PROBLEM DESCRIPTION: From the listing below, pull out every line where the string "body" appears.

LISTED RECORDS:
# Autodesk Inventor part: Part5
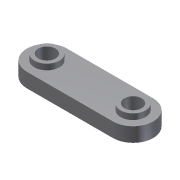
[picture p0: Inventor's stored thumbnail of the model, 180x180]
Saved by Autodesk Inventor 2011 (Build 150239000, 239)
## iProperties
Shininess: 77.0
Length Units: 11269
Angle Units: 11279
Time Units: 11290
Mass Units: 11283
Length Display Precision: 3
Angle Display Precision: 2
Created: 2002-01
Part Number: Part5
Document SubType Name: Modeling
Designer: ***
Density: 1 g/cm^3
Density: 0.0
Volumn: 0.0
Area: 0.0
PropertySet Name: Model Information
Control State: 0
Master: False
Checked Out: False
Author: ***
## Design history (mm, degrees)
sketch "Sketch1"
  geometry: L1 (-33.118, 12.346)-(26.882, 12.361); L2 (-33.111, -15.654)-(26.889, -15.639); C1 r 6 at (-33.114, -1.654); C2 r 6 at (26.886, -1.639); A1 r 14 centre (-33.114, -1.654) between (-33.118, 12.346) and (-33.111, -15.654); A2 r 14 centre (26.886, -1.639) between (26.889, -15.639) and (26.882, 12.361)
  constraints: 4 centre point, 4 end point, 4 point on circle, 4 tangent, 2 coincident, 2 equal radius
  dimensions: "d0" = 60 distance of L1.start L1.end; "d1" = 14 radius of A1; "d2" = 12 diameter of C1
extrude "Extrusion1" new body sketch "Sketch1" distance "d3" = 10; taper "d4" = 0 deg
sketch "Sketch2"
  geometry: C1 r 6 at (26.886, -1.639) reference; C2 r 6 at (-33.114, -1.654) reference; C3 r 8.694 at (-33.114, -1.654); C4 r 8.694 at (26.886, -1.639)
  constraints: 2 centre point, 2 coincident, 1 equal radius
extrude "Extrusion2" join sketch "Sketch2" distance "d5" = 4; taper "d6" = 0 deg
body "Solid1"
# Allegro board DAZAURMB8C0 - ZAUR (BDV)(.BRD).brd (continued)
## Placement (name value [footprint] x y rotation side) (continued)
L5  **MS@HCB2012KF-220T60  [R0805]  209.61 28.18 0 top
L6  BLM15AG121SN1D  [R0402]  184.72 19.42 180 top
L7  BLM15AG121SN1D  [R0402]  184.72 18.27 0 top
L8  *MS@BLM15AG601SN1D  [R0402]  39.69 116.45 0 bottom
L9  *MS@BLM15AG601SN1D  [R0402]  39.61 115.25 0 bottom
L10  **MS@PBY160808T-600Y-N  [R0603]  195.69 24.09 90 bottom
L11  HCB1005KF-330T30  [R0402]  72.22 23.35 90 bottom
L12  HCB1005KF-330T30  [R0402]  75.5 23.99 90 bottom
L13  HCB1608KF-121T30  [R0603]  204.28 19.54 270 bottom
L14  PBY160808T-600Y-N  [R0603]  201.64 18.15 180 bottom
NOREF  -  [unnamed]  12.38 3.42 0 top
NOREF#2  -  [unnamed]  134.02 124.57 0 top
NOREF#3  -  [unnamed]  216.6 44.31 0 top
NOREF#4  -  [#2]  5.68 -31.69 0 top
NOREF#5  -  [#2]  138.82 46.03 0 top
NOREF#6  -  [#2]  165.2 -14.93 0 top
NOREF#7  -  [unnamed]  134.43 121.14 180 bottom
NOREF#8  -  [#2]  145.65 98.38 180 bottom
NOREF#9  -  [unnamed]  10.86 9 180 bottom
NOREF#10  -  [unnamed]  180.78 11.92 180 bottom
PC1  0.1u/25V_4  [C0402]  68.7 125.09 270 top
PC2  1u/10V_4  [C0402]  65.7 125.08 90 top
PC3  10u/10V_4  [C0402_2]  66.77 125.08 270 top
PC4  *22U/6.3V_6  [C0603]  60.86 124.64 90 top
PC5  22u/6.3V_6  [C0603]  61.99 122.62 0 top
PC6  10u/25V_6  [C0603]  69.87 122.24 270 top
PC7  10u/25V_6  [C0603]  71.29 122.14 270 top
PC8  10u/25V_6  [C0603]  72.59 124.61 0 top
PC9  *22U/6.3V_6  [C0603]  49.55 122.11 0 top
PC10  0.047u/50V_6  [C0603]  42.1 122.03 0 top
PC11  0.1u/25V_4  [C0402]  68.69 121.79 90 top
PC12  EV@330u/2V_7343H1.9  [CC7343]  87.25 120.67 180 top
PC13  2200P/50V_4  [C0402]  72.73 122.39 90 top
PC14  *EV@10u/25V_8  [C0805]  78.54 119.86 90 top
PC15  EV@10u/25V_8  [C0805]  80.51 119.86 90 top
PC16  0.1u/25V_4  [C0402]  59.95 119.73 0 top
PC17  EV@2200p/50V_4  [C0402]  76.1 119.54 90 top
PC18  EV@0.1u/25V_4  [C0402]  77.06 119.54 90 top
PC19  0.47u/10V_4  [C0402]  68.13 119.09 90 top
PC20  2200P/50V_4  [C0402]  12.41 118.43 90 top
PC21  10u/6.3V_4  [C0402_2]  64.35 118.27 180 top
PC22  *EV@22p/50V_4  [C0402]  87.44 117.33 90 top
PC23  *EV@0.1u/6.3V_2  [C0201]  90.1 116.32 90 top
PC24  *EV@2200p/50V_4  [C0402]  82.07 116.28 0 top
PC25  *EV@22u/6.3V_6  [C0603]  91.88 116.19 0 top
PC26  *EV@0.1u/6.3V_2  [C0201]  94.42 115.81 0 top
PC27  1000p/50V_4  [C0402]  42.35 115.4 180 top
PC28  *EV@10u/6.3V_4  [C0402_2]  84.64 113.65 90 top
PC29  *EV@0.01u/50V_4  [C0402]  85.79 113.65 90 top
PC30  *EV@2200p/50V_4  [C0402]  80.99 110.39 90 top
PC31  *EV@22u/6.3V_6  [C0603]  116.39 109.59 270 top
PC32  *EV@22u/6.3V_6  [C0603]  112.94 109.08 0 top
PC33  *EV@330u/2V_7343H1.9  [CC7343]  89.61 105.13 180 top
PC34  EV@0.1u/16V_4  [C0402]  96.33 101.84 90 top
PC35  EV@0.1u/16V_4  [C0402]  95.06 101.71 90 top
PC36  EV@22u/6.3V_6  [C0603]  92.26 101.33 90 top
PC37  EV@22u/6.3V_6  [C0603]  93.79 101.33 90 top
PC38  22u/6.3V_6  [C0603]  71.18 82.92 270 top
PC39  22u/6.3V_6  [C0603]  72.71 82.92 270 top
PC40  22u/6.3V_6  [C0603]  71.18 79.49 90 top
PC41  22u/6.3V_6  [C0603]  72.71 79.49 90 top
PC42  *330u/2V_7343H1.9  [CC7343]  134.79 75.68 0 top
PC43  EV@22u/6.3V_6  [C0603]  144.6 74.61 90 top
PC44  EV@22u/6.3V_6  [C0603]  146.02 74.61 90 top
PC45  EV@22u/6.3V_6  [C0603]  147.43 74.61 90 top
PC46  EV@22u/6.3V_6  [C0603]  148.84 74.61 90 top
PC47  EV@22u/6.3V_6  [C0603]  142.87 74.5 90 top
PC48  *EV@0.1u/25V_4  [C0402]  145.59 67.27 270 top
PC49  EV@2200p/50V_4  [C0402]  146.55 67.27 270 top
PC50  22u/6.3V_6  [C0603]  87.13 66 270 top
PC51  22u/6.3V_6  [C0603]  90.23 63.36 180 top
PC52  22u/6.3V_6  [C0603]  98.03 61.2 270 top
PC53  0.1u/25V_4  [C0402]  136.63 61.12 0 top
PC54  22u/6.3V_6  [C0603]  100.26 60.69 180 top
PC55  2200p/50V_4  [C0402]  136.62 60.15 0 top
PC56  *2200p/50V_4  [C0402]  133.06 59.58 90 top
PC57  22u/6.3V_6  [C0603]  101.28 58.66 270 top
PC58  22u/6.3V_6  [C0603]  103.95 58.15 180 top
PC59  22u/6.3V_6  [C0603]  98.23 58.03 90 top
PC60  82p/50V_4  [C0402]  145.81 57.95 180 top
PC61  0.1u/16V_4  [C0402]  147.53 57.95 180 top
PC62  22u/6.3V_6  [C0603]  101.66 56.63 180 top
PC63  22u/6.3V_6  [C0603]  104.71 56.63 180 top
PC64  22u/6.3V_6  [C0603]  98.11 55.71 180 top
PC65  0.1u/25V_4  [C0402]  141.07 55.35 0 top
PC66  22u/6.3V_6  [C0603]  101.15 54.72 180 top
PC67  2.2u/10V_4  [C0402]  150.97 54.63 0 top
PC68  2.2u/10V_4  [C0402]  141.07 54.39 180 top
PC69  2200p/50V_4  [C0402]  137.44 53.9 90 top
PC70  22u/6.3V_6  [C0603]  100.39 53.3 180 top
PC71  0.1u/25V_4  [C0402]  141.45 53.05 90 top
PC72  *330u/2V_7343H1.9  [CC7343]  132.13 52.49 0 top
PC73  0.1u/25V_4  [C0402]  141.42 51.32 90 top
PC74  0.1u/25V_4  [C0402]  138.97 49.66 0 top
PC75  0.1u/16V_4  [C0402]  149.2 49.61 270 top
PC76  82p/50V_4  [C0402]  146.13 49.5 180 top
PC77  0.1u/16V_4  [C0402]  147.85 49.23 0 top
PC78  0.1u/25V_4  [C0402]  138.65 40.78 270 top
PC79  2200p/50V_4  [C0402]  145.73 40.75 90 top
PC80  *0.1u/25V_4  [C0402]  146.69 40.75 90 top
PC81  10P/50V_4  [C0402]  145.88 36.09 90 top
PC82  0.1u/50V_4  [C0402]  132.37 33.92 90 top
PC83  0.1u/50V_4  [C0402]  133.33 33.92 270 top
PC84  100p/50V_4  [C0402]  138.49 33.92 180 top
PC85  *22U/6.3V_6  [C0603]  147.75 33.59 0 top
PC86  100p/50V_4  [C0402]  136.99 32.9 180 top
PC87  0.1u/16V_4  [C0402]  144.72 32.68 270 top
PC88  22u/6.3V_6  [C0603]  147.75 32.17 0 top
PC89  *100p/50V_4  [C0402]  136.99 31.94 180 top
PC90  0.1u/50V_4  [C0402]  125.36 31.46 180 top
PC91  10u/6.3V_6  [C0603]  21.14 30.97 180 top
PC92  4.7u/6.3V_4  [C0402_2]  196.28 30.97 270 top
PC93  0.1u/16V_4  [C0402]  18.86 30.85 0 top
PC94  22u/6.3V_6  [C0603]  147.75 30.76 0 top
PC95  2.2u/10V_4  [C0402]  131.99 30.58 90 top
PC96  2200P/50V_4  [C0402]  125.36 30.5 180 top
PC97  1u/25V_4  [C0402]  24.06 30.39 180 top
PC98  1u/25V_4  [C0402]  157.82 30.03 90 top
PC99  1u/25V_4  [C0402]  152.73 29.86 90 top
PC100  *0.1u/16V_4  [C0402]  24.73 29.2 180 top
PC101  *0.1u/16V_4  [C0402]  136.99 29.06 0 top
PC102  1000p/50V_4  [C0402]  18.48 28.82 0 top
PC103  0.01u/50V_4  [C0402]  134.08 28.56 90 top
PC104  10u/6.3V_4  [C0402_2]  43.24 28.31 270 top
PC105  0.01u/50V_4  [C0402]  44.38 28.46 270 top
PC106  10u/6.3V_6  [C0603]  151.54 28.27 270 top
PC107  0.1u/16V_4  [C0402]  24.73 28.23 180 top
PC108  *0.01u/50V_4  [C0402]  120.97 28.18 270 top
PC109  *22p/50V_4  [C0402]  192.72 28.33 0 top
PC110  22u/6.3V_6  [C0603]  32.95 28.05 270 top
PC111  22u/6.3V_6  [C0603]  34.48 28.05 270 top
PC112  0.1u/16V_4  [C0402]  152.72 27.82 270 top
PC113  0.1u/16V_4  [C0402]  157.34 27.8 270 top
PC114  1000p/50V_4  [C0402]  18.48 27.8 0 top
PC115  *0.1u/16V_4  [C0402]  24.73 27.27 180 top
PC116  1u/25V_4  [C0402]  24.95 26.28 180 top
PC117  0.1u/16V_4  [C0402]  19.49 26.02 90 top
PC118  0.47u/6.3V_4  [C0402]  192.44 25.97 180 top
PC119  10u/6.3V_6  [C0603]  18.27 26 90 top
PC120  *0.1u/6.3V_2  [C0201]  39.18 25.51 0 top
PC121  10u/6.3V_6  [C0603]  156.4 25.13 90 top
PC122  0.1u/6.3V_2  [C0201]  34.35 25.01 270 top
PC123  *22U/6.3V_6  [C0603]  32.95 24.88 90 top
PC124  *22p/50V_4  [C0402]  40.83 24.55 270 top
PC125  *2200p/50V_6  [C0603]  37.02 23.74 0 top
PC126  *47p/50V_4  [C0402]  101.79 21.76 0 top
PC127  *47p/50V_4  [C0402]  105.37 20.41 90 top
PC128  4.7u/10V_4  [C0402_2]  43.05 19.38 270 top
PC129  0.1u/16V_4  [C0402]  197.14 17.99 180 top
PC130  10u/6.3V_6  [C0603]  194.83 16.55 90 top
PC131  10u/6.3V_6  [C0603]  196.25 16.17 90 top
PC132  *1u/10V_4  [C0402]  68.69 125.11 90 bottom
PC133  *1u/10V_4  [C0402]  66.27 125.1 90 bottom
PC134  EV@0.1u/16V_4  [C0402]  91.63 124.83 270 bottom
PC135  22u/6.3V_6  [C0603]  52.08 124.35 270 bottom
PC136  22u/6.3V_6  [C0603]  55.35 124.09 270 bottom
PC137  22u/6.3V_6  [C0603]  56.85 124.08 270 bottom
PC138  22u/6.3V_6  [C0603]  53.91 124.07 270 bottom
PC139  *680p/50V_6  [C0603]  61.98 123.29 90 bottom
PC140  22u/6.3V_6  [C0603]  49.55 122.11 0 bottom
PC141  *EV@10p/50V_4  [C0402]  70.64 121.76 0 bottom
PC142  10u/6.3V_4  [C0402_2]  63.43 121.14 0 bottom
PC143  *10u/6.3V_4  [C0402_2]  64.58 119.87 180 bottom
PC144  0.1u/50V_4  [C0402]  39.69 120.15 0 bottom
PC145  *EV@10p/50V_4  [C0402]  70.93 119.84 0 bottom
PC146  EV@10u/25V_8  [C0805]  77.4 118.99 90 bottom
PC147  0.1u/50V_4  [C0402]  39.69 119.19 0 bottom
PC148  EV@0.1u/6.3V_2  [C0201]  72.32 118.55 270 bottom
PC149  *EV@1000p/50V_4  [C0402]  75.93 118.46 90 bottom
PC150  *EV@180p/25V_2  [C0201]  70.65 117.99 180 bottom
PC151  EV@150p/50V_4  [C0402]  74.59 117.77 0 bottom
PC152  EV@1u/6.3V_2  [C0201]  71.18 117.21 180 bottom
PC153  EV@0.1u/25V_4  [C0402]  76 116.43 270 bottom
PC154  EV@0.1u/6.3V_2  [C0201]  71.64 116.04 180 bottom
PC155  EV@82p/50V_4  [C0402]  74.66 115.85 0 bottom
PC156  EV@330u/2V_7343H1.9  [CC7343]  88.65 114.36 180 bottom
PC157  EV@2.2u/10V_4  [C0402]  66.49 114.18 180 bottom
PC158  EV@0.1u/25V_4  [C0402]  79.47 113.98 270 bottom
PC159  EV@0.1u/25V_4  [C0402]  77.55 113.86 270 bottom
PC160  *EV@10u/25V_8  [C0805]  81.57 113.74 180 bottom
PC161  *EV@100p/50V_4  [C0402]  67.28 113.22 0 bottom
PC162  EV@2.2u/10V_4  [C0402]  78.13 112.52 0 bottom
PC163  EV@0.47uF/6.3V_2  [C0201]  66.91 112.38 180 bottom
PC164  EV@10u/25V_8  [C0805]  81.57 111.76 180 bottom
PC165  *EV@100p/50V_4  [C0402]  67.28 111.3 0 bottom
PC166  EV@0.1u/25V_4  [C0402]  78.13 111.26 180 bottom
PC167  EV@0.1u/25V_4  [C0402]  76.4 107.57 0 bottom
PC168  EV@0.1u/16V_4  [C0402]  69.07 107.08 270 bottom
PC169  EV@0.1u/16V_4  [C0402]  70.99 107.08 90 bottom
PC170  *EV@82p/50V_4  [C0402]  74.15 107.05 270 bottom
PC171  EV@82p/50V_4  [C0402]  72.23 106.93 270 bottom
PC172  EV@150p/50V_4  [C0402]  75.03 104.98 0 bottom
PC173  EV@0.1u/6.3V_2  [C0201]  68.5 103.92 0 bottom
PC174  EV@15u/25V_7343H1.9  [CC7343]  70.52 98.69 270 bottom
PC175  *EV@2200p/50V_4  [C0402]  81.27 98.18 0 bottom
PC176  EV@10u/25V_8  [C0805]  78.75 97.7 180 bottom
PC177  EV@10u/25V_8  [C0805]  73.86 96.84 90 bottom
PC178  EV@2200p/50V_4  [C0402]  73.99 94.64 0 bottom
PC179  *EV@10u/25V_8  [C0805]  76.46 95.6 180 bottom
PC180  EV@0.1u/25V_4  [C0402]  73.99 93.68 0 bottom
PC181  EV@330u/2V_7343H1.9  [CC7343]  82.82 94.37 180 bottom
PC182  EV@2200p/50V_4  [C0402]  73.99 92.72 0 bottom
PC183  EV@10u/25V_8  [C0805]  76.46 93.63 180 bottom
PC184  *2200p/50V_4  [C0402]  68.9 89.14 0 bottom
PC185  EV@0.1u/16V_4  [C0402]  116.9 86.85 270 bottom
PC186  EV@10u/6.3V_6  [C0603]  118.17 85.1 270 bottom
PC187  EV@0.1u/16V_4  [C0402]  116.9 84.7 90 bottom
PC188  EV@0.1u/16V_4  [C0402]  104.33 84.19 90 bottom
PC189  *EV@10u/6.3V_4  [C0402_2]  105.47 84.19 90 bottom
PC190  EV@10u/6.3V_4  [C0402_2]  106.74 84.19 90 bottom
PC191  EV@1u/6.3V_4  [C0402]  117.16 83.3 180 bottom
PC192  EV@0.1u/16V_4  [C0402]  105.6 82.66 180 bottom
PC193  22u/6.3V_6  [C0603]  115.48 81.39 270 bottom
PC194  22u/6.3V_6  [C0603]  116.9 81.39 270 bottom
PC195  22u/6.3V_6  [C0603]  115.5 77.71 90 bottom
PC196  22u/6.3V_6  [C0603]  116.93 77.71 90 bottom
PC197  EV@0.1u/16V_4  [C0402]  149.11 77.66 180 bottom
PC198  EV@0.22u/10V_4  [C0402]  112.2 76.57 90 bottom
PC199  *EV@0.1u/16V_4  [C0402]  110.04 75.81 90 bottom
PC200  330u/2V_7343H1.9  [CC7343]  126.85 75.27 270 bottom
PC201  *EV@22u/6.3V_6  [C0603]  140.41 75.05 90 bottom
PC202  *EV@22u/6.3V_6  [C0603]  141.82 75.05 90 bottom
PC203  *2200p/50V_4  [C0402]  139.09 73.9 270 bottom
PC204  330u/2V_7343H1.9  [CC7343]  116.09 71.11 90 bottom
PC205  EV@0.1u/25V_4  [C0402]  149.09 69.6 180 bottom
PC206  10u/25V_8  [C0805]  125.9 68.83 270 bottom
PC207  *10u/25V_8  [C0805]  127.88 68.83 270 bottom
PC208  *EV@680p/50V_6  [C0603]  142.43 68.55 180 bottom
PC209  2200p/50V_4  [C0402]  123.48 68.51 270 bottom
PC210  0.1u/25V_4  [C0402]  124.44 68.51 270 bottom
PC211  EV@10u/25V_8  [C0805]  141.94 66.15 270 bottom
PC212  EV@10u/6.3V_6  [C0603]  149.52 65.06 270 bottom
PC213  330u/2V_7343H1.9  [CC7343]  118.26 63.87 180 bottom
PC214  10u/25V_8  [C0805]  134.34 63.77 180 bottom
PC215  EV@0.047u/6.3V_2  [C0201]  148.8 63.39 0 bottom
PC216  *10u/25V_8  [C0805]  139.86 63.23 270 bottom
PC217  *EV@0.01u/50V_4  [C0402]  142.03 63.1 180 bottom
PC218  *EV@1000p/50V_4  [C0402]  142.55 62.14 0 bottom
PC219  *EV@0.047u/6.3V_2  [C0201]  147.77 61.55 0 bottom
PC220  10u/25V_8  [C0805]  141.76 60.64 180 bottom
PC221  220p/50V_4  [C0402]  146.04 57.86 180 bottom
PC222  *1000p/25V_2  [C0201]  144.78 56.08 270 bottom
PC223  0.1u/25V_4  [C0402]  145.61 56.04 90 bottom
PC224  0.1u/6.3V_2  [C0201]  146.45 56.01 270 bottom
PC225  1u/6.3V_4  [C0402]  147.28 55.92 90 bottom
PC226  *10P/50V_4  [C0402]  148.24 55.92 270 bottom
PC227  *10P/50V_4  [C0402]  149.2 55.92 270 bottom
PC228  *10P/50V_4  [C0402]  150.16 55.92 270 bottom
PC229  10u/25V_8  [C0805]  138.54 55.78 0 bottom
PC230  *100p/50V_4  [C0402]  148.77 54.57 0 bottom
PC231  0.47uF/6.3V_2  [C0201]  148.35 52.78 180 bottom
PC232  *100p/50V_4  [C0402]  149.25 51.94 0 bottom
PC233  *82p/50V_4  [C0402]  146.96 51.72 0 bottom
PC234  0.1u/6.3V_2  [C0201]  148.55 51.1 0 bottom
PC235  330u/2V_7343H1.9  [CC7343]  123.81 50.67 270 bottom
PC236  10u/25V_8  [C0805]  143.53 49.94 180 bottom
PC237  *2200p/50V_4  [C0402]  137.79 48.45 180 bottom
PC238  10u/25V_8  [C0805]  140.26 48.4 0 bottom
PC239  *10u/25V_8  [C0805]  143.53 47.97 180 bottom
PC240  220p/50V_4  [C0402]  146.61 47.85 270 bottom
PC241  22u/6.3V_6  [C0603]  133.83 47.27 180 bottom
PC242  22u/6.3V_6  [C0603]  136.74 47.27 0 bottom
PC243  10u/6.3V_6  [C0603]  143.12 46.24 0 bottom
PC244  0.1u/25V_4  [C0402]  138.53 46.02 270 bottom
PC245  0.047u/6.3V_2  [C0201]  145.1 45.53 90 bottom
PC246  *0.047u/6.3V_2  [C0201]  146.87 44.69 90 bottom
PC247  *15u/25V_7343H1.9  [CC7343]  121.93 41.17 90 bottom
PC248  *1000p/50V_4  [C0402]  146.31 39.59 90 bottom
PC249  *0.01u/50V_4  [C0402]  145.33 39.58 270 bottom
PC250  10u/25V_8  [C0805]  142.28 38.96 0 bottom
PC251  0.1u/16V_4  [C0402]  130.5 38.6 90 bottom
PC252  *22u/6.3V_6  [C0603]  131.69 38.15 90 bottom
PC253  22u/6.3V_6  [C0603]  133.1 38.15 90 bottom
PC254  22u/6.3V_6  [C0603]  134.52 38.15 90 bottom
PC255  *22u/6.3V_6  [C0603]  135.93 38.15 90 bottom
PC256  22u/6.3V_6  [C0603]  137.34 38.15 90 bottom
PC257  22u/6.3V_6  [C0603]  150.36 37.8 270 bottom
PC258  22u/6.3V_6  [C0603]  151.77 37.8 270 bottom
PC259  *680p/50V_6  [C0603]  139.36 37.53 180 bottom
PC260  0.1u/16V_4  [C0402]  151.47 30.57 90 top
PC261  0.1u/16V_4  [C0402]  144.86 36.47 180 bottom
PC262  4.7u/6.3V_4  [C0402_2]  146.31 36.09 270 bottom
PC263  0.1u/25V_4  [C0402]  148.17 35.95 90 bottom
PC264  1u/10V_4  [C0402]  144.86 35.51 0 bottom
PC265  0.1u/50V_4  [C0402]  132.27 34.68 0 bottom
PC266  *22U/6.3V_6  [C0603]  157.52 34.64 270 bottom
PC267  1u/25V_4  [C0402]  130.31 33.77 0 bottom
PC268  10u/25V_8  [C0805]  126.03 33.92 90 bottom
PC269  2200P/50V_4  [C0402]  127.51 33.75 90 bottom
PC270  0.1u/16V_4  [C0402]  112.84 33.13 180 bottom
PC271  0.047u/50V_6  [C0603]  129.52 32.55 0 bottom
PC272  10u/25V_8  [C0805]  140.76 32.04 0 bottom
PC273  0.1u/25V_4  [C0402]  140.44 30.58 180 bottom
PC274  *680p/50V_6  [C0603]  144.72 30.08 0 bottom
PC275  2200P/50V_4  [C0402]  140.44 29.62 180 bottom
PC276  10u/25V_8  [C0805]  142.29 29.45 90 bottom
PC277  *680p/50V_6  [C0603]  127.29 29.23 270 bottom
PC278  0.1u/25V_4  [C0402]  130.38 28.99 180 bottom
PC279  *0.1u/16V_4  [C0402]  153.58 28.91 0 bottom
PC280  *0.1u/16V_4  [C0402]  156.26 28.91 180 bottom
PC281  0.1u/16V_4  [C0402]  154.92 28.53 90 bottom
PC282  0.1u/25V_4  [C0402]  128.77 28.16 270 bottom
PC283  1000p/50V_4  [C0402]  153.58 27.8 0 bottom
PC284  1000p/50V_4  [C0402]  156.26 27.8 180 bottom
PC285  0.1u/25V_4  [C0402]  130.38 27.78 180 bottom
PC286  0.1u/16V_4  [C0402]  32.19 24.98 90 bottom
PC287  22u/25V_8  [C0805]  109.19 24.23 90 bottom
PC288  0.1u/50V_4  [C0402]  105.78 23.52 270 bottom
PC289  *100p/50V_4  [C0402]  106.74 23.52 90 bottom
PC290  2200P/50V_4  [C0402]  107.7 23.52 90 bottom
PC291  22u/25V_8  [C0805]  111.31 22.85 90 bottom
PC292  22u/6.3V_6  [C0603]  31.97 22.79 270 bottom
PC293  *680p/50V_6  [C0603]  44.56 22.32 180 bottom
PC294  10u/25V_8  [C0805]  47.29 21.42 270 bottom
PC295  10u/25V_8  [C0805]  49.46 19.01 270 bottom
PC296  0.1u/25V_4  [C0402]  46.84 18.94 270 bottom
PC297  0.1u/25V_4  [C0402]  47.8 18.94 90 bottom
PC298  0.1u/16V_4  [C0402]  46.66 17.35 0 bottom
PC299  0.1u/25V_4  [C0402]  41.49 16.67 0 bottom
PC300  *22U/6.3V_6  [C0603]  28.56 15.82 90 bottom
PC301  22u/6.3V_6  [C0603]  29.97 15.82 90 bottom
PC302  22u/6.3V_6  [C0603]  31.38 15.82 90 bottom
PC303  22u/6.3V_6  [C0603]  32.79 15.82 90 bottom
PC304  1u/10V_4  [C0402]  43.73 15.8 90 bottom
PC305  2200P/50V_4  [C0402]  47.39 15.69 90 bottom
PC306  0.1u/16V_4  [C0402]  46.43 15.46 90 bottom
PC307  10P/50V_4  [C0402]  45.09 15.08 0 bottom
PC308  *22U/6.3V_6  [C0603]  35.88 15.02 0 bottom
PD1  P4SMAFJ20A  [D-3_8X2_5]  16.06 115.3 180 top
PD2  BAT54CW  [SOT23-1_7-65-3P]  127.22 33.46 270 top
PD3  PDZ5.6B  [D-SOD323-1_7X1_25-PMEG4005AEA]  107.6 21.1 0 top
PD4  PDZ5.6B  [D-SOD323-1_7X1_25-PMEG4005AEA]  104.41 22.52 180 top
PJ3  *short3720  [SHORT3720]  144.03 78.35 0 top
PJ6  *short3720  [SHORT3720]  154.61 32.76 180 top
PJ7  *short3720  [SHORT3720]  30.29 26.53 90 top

RESPONSE TO THIS TASK:
extrude "Extrusion1" new body sketch "Sketch1" distance "d3" = 10; taper "d4" = 0 deg
body "Solid1"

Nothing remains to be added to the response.